Copy exactly the lines of the records below, and only those lines, beginning with the line that contains "#721=CARTESIAN_POINT('',(28.013,0.,22.05));" and ending with the line that contains "#730=CARTESIAN_POINT('Origin',(-12.175,0.,-24.8));".

(Beginning of Provided entries)

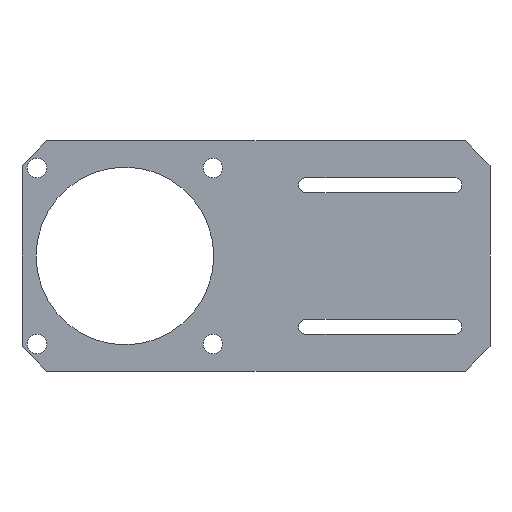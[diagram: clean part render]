
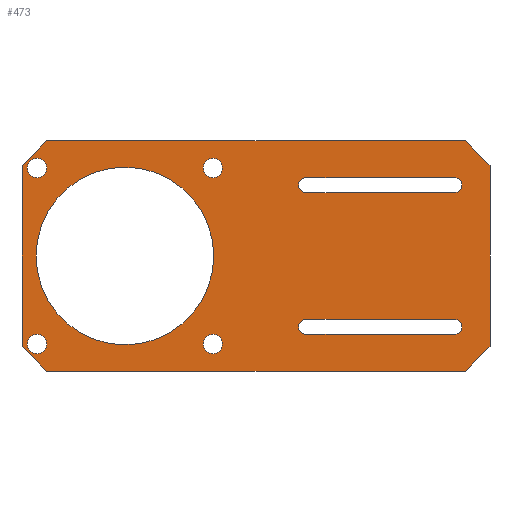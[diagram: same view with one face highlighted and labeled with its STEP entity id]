
A CAD part, front view. The second image highlights one B-rep face of the part: STEP entity #473.
In plain terms, the highlighted planar face has unit normal (0, -1, 0).
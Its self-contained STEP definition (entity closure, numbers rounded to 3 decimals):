
#22=FACE_BOUND('',#96,.T.);
#23=FACE_BOUND('',#97,.T.);
#24=FACE_BOUND('',#98,.T.);
#25=FACE_BOUND('',#99,.T.);
#26=FACE_BOUND('',#100,.T.);
#27=FACE_BOUND('',#101,.T.);
#28=FACE_BOUND('',#102,.T.);
#42=PLANE('',#537);
#65=FACE_OUTER_BOUND('',#95,.T.);
#95=EDGE_LOOP('',(#421,#422,#423,#424,#425,#426,#427,#428));
#96=EDGE_LOOP('',(#429));
#97=EDGE_LOOP('',(#430,#431,#432,#433));
#98=EDGE_LOOP('',(#434,#435,#436,#437));
#99=EDGE_LOOP('',(#438));
#100=EDGE_LOOP('',(#439));
#101=EDGE_LOOP('',(#440));
#102=EDGE_LOOP('',(#441));
#107=LINE('',#687,#152);
#111=LINE('',#697,#156);
#115=LINE('',#711,#160);
#119=LINE('',#721,#164);
#126=LINE('',#753,#171);
#130=LINE('',#760,#175);
#133=LINE('',#766,#178);
#136=LINE('',#772,#181);
#139=LINE('',#778,#184);
#142=LINE('',#784,#187);
#145=LINE('',#790,#190);
#147=LINE('',#793,#192);
#152=VECTOR('',#558,10.);
#156=VECTOR('',#570,10.);
#160=VECTOR('',#582,10.);
#164=VECTOR('',#594,10.);
#171=VECTOR('',#627,10.);
#175=VECTOR('',#633,10.);
#178=VECTOR('',#638,10.);
#181=VECTOR('',#643,10.);
#184=VECTOR('',#648,10.);
#187=VECTOR('',#653,10.);
#190=VECTOR('',#658,10.);
#192=VECTOR('',#662,10.);
#193=CIRCLE('',#498,25.05);
#196=CIRCLE('',#502,2.075);
#198=CIRCLE('',#506,2.075);
#200=CIRCLE('',#510,2.075);
#202=CIRCLE('',#514,2.075);
#203=CIRCLE('',#517,2.725);
#205=CIRCLE('',#520,2.725);
#207=CIRCLE('',#523,2.725);
#209=CIRCLE('',#526,2.725);
#211=VERTEX_POINT('',#669);
#215=VERTEX_POINT('',#678);
#216=VERTEX_POINT('',#680);
#218=VERTEX_POINT('',#686);
#220=VERTEX_POINT('',#692);
#223=VERTEX_POINT('',#702);
#224=VERTEX_POINT('',#704);
#226=VERTEX_POINT('',#710);
#228=VERTEX_POINT('',#716);
#229=VERTEX_POINT('',#723);
#231=VERTEX_POINT('',#729);
#233=VERTEX_POINT('',#735);
#235=VERTEX_POINT('',#741);
#239=VERTEX_POINT('',#750);
#240=VERTEX_POINT('',#752);
#242=VERTEX_POINT('',#758);
#244=VERTEX_POINT('',#764);
#246=VERTEX_POINT('',#770);
#248=VERTEX_POINT('',#776);
#250=VERTEX_POINT('',#782);
#252=VERTEX_POINT('',#788);
#253=EDGE_CURVE('',#211,#211,#193,.T.);
#258=EDGE_CURVE('',#216,#215,#196,.T.);
#261=EDGE_CURVE('',#218,#216,#107,.T.);
#264=EDGE_CURVE('',#220,#218,#198,.T.);
#267=EDGE_CURVE('',#215,#220,#111,.T.);
#270=EDGE_CURVE('',#224,#223,#200,.T.);
#273=EDGE_CURVE('',#226,#224,#115,.T.);
#276=EDGE_CURVE('',#228,#226,#202,.T.);
#279=EDGE_CURVE('',#223,#228,#119,.T.);
#280=EDGE_CURVE('',#229,#229,#203,.T.);
#283=EDGE_CURVE('',#231,#231,#205,.T.);
#286=EDGE_CURVE('',#233,#233,#207,.T.);
#289=EDGE_CURVE('',#235,#235,#209,.T.);
#294=EDGE_CURVE('',#240,#239,#126,.T.);
#298=EDGE_CURVE('',#239,#242,#130,.T.);
#301=EDGE_CURVE('',#242,#244,#133,.T.);
#304=EDGE_CURVE('',#244,#246,#136,.T.);
#307=EDGE_CURVE('',#246,#248,#139,.T.);
#310=EDGE_CURVE('',#248,#250,#142,.T.);
#313=EDGE_CURVE('',#250,#252,#145,.T.);
#315=EDGE_CURVE('',#252,#240,#147,.T.);
#421=ORIENTED_EDGE('',*,*,#315,.T.);
#422=ORIENTED_EDGE('',*,*,#294,.T.);
#423=ORIENTED_EDGE('',*,*,#298,.T.);
#424=ORIENTED_EDGE('',*,*,#301,.T.);
#425=ORIENTED_EDGE('',*,*,#304,.T.);
#426=ORIENTED_EDGE('',*,*,#307,.T.);
#427=ORIENTED_EDGE('',*,*,#310,.T.);
#428=ORIENTED_EDGE('',*,*,#313,.T.);
#429=ORIENTED_EDGE('',*,*,#253,.T.);
#430=ORIENTED_EDGE('',*,*,#258,.T.);
#431=ORIENTED_EDGE('',*,*,#267,.T.);
#432=ORIENTED_EDGE('',*,*,#264,.T.);
#433=ORIENTED_EDGE('',*,*,#261,.T.);
#434=ORIENTED_EDGE('',*,*,#270,.T.);
#435=ORIENTED_EDGE('',*,*,#279,.T.);
#436=ORIENTED_EDGE('',*,*,#276,.T.);
#437=ORIENTED_EDGE('',*,*,#273,.T.);
#438=ORIENTED_EDGE('',*,*,#280,.T.);
#439=ORIENTED_EDGE('',*,*,#283,.T.);
#440=ORIENTED_EDGE('',*,*,#286,.T.);
#441=ORIENTED_EDGE('',*,*,#289,.T.);
#473=ADVANCED_FACE('',(#65,#22,#23,#24,#25,#26,#27,#28),#42,.F.);
#498=AXIS2_PLACEMENT_3D('',#670,#542,#543);
#502=AXIS2_PLACEMENT_3D('',#681,#552,#553);
#506=AXIS2_PLACEMENT_3D('',#693,#564,#565);
#510=AXIS2_PLACEMENT_3D('',#705,#576,#577);
#514=AXIS2_PLACEMENT_3D('',#717,#588,#589);
#517=AXIS2_PLACEMENT_3D('',#724,#597,#598);
#520=AXIS2_PLACEMENT_3D('',#730,#604,#605);
#523=AXIS2_PLACEMENT_3D('',#736,#611,#612);
#526=AXIS2_PLACEMENT_3D('',#742,#618,#619);
#537=AXIS2_PLACEMENT_3D('',#795,#665,#666);
#542=DIRECTION('center_axis',(0.,1.,0.));
#543=DIRECTION('ref_axis',(1.,0.,0.));
#552=DIRECTION('center_axis',(0.,1.,0.));
#553=DIRECTION('ref_axis',(0.,0.,1.));
#558=DIRECTION('',(1.,0.,0.));
#564=DIRECTION('center_axis',(0.,1.,0.));
#565=DIRECTION('ref_axis',(0.,0.,-1.));
#570=DIRECTION('',(-1.,0.,0.));
#576=DIRECTION('center_axis',(0.,1.,0.));
#577=DIRECTION('ref_axis',(0.,0.,1.));
#582=DIRECTION('',(-1.,0.,0.));
#588=DIRECTION('center_axis',(0.,1.,0.));
#589=DIRECTION('ref_axis',(0.,0.,-1.));
#594=DIRECTION('',(1.,0.,0.));
#597=DIRECTION('center_axis',(0.,1.,0.));
#598=DIRECTION('ref_axis',(1.,0.,0.));
#604=DIRECTION('center_axis',(0.,1.,0.));
#605=DIRECTION('ref_axis',(1.,0.,0.));
#611=DIRECTION('center_axis',(0.,1.,0.));
#612=DIRECTION('ref_axis',(1.,0.,0.));
#618=DIRECTION('center_axis',(0.,1.,0.));
#619=DIRECTION('ref_axis',(1.,0.,0.));
#627=DIRECTION('',(0.,0.,-1.));
#633=DIRECTION('',(0.707,0.,-0.707));
#638=DIRECTION('',(1.,0.,0.));
#643=DIRECTION('',(0.707,0.,0.707));
#648=DIRECTION('',(0.,0.,1.));
#653=DIRECTION('',(-0.707,0.,0.707));
#658=DIRECTION('',(-1.,0.,0.));
#662=DIRECTION('',(-0.707,0.,-0.707));
#665=DIRECTION('center_axis',(0.,1.,0.));
#666=DIRECTION('ref_axis',(0.,0.,1.));
#669=CARTESIAN_POINT('',(-62.025,0.,0.));
#670=CARTESIAN_POINT('Origin',(-36.975,0.,0.));
#678=CARTESIAN_POINT('',(56.025,0.,-22.05));
#680=CARTESIAN_POINT('',(56.025,0.,-17.9));
#681=CARTESIAN_POINT('Origin',(56.025,0.,-19.975));
#686=CARTESIAN_POINT('',(14.075,0.,-17.9));
#687=CARTESIAN_POINT('',(28.013,0.,-17.9));
#692=CARTESIAN_POINT('',(14.075,0.,-22.05));
#693=CARTESIAN_POINT('Origin',(14.075,0.,-19.975));
#697=CARTESIAN_POINT('',(7.038,0.,-22.05));
#702=CARTESIAN_POINT('',(14.075,0.,22.05));
#704=CARTESIAN_POINT('',(14.075,0.,17.9));
#705=CARTESIAN_POINT('Origin',(14.075,0.,19.975));
#710=CARTESIAN_POINT('',(56.025,0.,17.9));
#711=CARTESIAN_POINT('',(7.038,0.,17.9));
#716=CARTESIAN_POINT('',(56.025,0.,22.05));
#717=CARTESIAN_POINT('Origin',(56.025,0.,19.975));
#721=CARTESIAN_POINT('',(28.013,0.,22.05));
#723=CARTESIAN_POINT('',(-14.9,0.,24.8));
#724=CARTESIAN_POINT('Origin',(-12.175,0.,24.8));
#729=CARTESIAN_POINT('',(-14.9,0.,-24.8));
#730=CARTESIAN_POINT('Origin',(-12.175,0.,-24.8));
#735=CARTESIAN_POINT('',(-64.5,0.,-24.8));
#736=CARTESIAN_POINT('Origin',(-61.775,0.,-24.8));
#741=CARTESIAN_POINT('',(-64.5,0.,24.8));
#742=CARTESIAN_POINT('Origin',(-61.775,0.,24.8));
#750=CARTESIAN_POINT('',(-66.,0.,-25.5));
#752=CARTESIAN_POINT('',(-66.,0.,25.5));
#753=CARTESIAN_POINT('',(-66.,0.,25.5));
#758=CARTESIAN_POINT('',(-59.,0.,-32.5));
#760=CARTESIAN_POINT('',(-66.,0.,-25.5));
#764=CARTESIAN_POINT('',(59.,0.,-32.5));
#766=CARTESIAN_POINT('',(-59.,0.,-32.5));
#770=CARTESIAN_POINT('',(66.,0.,-25.5));
#772=CARTESIAN_POINT('',(59.,0.,-32.5));
#776=CARTESIAN_POINT('',(66.,0.,25.5));
#778=CARTESIAN_POINT('',(66.,0.,-25.5));
#782=CARTESIAN_POINT('',(59.,0.,32.5));
#784=CARTESIAN_POINT('',(66.,0.,25.5));
#788=CARTESIAN_POINT('',(-59.,0.,32.5));
#790=CARTESIAN_POINT('',(59.,0.,32.5));
#793=CARTESIAN_POINT('',(-59.,0.,32.5));
#795=CARTESIAN_POINT('Origin',(0.,0.,0.));

(End of Provided entries)

• _Exercise solution_:
#721=CARTESIAN_POINT('',(28.013,0.,22.05));
#723=CARTESIAN_POINT('',(-14.9,0.,24.8));
#724=CARTESIAN_POINT('Origin',(-12.175,0.,24.8));
#729=CARTESIAN_POINT('',(-14.9,0.,-24.8));
#730=CARTESIAN_POINT('Origin',(-12.175,0.,-24.8));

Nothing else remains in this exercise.